_EXERCISE DIRECTIONS_.
Isolate every line in the records below with "STEP" in it.

[[ DATA EXTRACT, beginning ]]

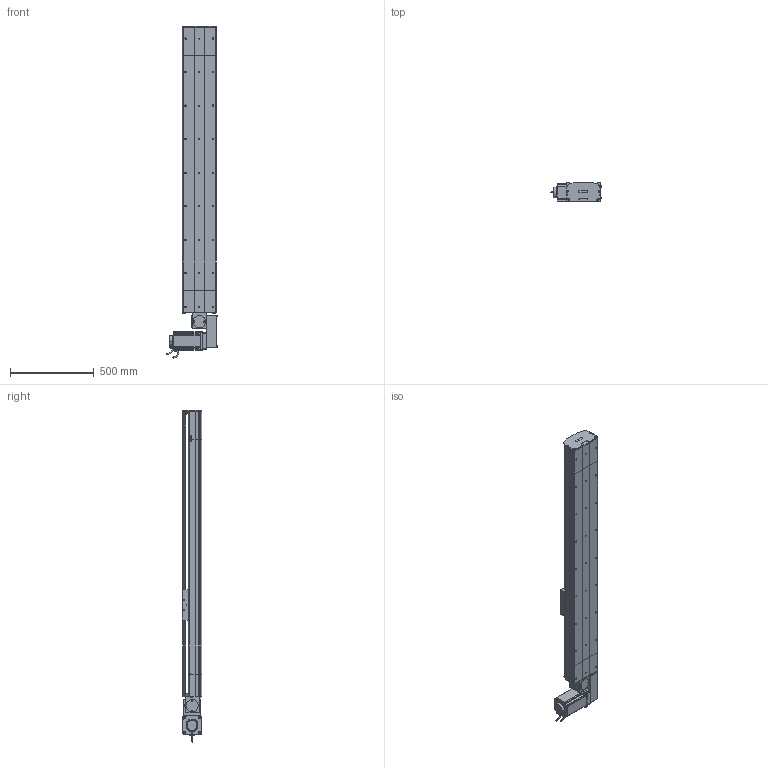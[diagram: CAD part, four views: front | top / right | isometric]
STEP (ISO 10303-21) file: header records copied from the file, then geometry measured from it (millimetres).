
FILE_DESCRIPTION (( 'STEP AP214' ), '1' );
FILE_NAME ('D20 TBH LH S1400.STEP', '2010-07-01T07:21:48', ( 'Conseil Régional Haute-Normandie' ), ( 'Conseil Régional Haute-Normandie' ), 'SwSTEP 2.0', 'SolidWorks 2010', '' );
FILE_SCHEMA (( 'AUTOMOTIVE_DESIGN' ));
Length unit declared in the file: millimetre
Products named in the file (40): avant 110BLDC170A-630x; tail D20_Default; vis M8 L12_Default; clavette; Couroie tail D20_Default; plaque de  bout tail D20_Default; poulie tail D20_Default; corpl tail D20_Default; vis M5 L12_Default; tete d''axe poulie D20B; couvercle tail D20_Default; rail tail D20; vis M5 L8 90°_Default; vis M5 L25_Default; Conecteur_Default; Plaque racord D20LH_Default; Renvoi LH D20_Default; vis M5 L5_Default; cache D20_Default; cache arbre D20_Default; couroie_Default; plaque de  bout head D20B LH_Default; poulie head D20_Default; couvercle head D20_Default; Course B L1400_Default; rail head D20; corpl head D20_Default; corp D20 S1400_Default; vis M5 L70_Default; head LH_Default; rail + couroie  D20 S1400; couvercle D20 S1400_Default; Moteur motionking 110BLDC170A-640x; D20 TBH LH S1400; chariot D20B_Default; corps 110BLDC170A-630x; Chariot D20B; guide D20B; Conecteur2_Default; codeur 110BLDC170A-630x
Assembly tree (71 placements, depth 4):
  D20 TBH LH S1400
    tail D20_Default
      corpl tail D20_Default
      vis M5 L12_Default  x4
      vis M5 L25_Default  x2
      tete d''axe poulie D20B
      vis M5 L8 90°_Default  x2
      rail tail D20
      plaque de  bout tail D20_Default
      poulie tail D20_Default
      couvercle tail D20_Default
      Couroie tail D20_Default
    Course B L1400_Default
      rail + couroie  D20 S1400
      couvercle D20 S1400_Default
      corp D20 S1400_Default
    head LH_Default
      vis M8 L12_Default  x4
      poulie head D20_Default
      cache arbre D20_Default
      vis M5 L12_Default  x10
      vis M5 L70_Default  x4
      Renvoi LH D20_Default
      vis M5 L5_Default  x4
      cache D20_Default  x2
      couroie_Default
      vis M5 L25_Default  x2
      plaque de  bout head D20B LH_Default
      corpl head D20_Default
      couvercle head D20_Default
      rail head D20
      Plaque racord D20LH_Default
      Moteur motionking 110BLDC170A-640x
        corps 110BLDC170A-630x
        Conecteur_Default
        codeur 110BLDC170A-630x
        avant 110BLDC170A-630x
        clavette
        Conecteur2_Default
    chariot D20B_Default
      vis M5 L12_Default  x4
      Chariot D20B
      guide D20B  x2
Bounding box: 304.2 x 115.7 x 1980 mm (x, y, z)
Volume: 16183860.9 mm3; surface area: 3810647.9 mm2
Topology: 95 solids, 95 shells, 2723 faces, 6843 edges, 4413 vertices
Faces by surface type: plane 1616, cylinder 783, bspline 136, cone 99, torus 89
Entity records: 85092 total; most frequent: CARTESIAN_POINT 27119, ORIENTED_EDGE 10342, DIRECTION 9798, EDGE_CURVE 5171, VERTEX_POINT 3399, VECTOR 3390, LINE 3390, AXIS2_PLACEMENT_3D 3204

[[ DATA EXTRACT, end ]]

_RESPONSE BOX_.
STEP (ISO 10303-21) file: header records copied from the file, then geometry measured from it (millimetres).
FILE_DESCRIPTION (( 'STEP AP214' ), '1' );
FILE_NAME ('D20 TBH LH S1400.STEP', '2010-07-01T07:21:48', ( 'Conseil Régional Haute-Normandie' ), ( 'Conseil Régional Haute-Normandie' ), 'SwSTEP 2.0', 'SolidWorks 2010', '' );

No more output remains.